Tuesday, December 21, 2010

Dylan or Dali?

We are playing a particularly cool version of "Subterranean Homesick Blues" on KCCK these days, which reminded me of something that has been disturbing me for awhile.

Has anyone else noticed that the older Bob Dylan gets, the more he looks like Salvador Dali?




















Just sayin'.

Friday, December 3, 2010

Richard Gere, The L.A. Times and Me

I had a semi-brush with greatness this week when I learned that two Hollywood stars apparently chill out listening to our Iowa Channel webcast. Full story on the Iowa Channel blog, and here is the story that appeared in the L.A. Times.

Believe it or not, this is not the first time my work has been featured in the L.A. Times.

Our tale begins in those halcyon days of 1987. The Iowa Hawkeyes were flying high under
Hayden Fry. In Cedar Rapids, people worked for Teleconnect, Iowa Electric and Rockwell International. They shopped downtown at Armstrongs or at Westdale, which believe it or not, was then the "good" mall. And a young DJ named Dennis Green held down the PM Drive shift at WMT-FM, and was given entirely too much creative freedom.

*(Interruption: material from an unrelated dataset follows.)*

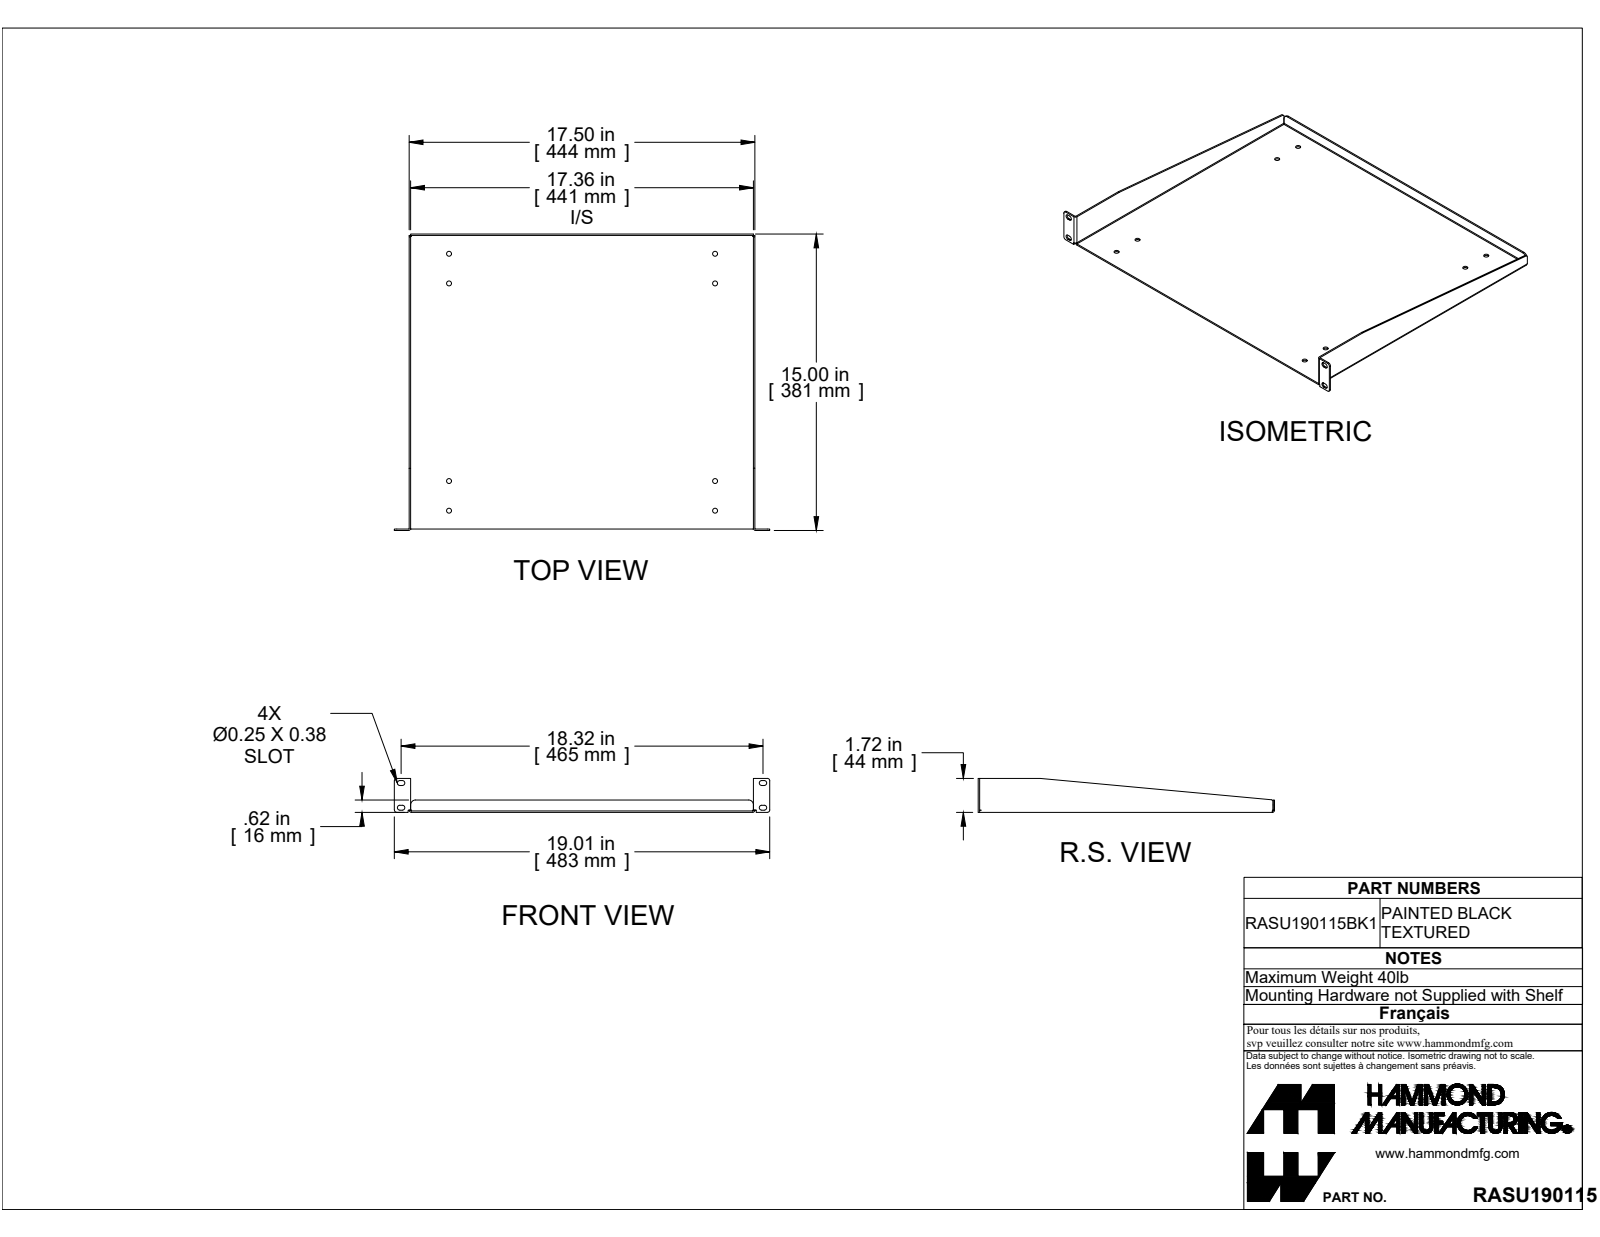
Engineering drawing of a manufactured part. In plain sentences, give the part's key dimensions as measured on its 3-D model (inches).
The part is named "RASU190115BK1". Its 3-D file was written by "SolidWorks 2019 (CONFIG_CONTROL_DESIGN)". It is 1 solid with 88 faces: 48 planar, 36 cylindrical and 4 other. Overall it measures 19.006 by 15 by 1.718 inches. Its volume is 22.13 cubic inches and its surface area 620.9 square inches. Round holes: 8 of diameter 0.25. Partial cylindrical surfaces (rounded edges, fillets, slot ends): 12 of radius 0.125, 5 of radius 0.036, 5 of radius 0.108, 3 of radius 0.055, 2 of radius 0.25. The main face-to-face distances are 0.072, 17.428, 17.356, 17.5, 14.856, 14.928, 0.072, 14.928, 15, 0.625. The hole center spacings are 1.5, 11.5, 13.468, 13.551, 17.709, 10, 13, 16.774.

This particular year, we were electrified to learn that a MAJOR MOTION PICTURE was going to be filmed on our community. Now bear in mind, this was before The Final Season, yes even before Field of Dreams. Up to this point in time, the only fairly recent movie to be made in Iowa was a 1970's Sylvester Stallone vehicle entitled "F.I.S.T." filmed partly in Dubuque (Don't bother).

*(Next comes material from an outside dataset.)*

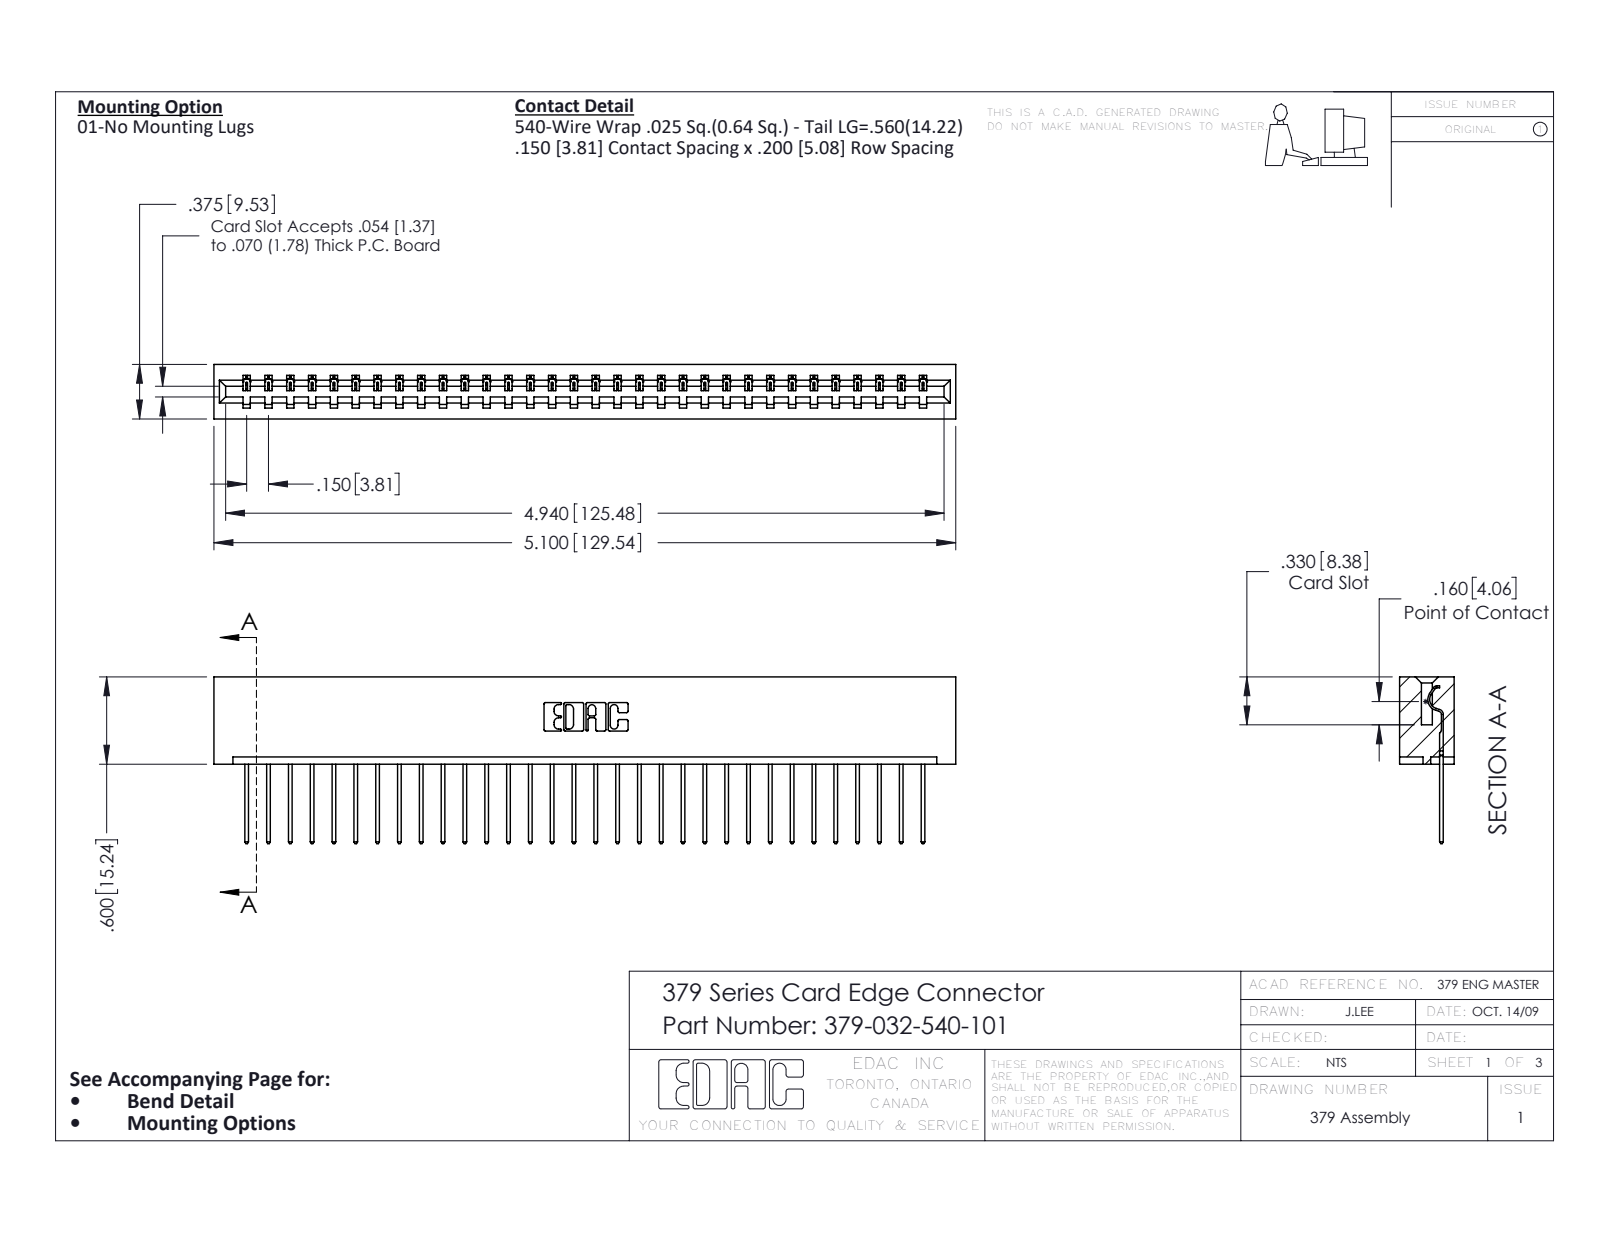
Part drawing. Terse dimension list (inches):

This movie was to be titled "Farm of the Year," and would begin with the visit of Nikita Krushchev to an Iowa farm in the 50s (which actually happened). The movie would be the dramatic tale of the sons of the farmer who hosted Krushchev. They fall on hard times during the 80s farm crisis and become folk heroes when they take to robbing banks after the farm fails. What the dramatic connection between the Krushchev visit and mod
ern day Robin Hoods was supposed to be, was never adequately explained.

But the BIG NEWS was that the movie would star Richard Gere, then one of Hollywood's biggest leading men. And he would live & work in our town for several weeks during filming.

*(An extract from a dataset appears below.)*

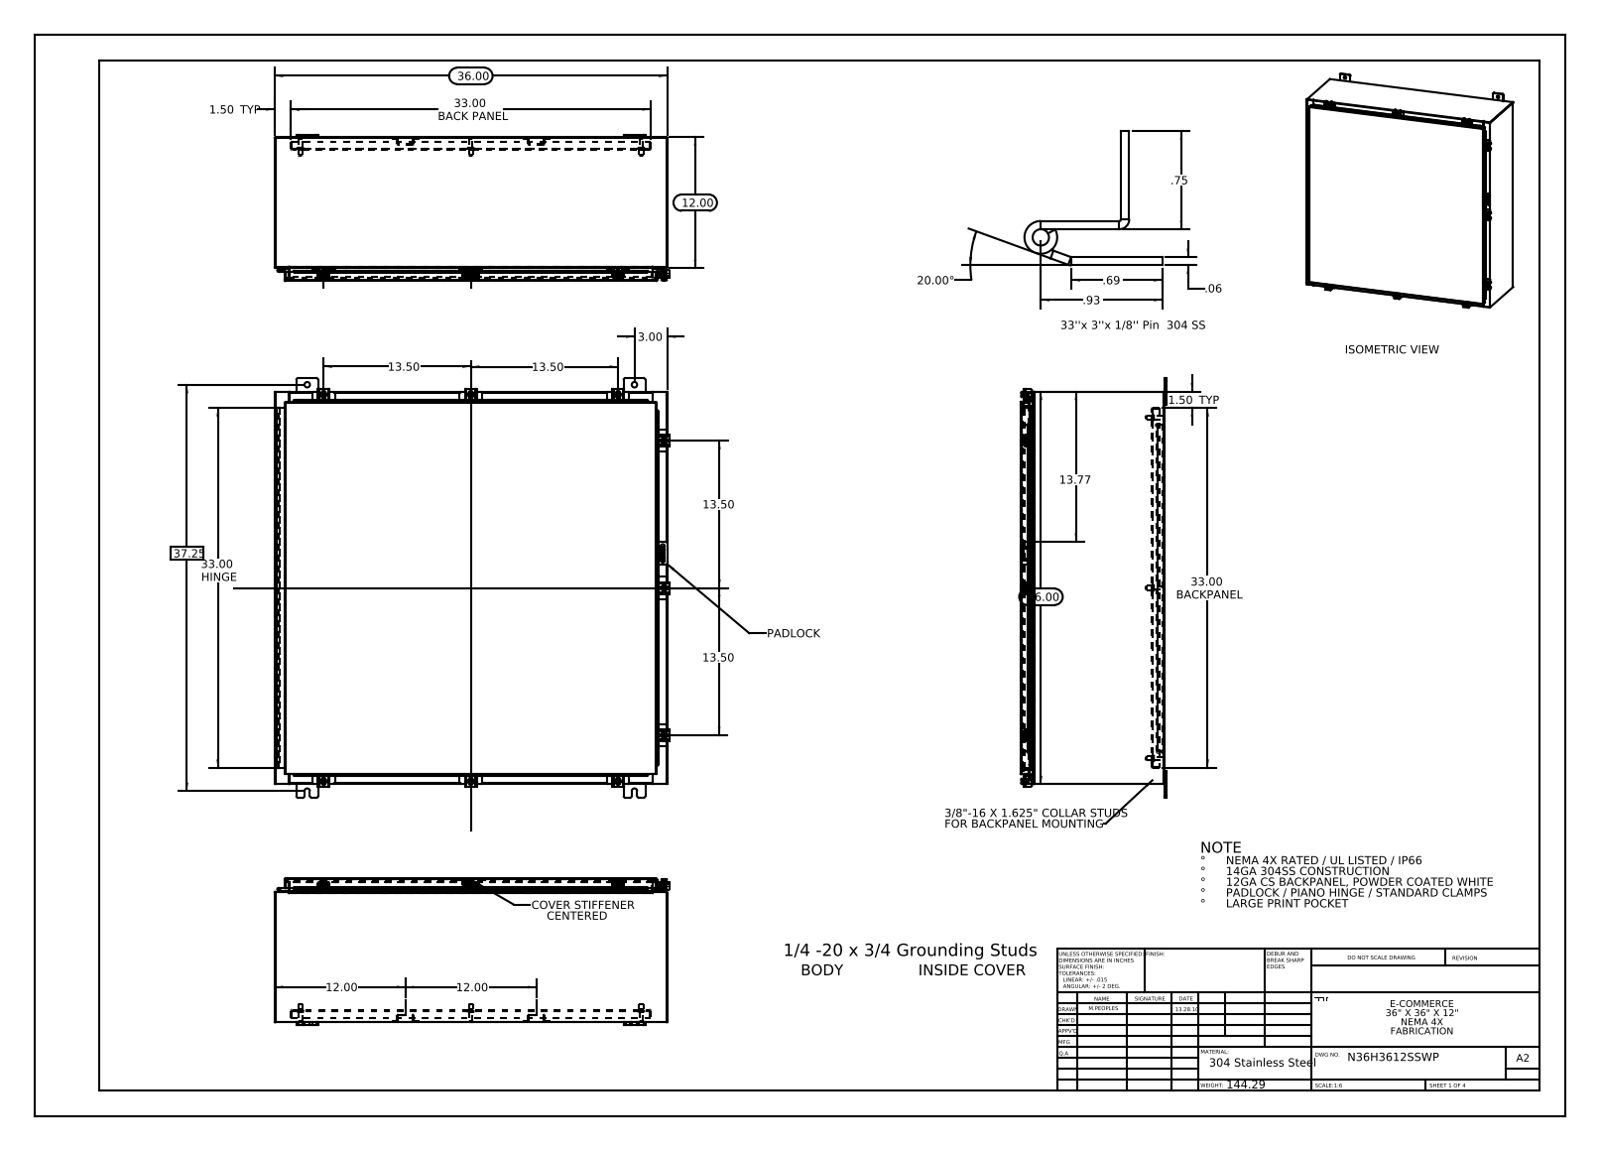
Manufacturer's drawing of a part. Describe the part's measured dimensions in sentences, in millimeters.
The part is named "N36H3612SSWP 125 Pin Hinge; N36H3612SSWP Hinge Enclosure Side2; N36H3612SSWP Body; N36H3612SSWP Padlock Hasp (+8 more)". Its 3-D file was written by "SolidWorks 2013 (CONFIG_CONTROL_DESIGN)". It is 69 solids with 2594 faces: 1358 planar, 1076 cylindrical and 160 other. Overall it measures 977.9 by 919.8 by 340.1 millimeters. Its volume is 8 285 000 cubic millimeters and its surface area 8 172 000 square millimeters. Round holes: 12 of diameter 12.7, 9 of diameter 5.4, 9 of diameter 6.6, 6 of diameter 6.4, 2 of diameter 3.2, 1 of diameter 3.2. Round bosses or shafts: 10 of diameter 6.4, 9 of diameter 12.7, 9 of diameter 10.1, 8 of diameter 15.9, 8 of diameter 9.5, 8 of diameter 8.4. Partial cylindrical surfaces (rounded edges, fillets, slot ends): 42 of radius 1.5, 39 of radius 0.3, 33 of radius 2.2, 24 of radius 4.8, 18 of radius 3, 18 of radius 3.6, 13 of radius 1.3, 12 of radius 2. The main face-to-face distances are 1.9, 333.4, 912.5, 331.5, 335.3, 2.6, 25.4, 308, 27.3, 306.1. The hole center spacings are 342.9, 347, 396.9, 453.4, 600.2, 848.8, 866, 913.9.

Well, the moviemaking took the town by storm that summer. A lo
t of people got work as extras and on the crew. A few even got in the movie, including a young Coulter Wood, now a geologist and occasional jazz singer (Coulter's cousin Elijah had already split Iowa for Hollywood and would get his first pre-Frodo break just a few years later).

The filming was also not without some controversy, as then-Linn County Sheriff Dennis Blome was criticized for giving the production company free or reduced cost security services in exchange for his own part in the film. An interesting precursor to the flap over Iowa's Film Tax Credit.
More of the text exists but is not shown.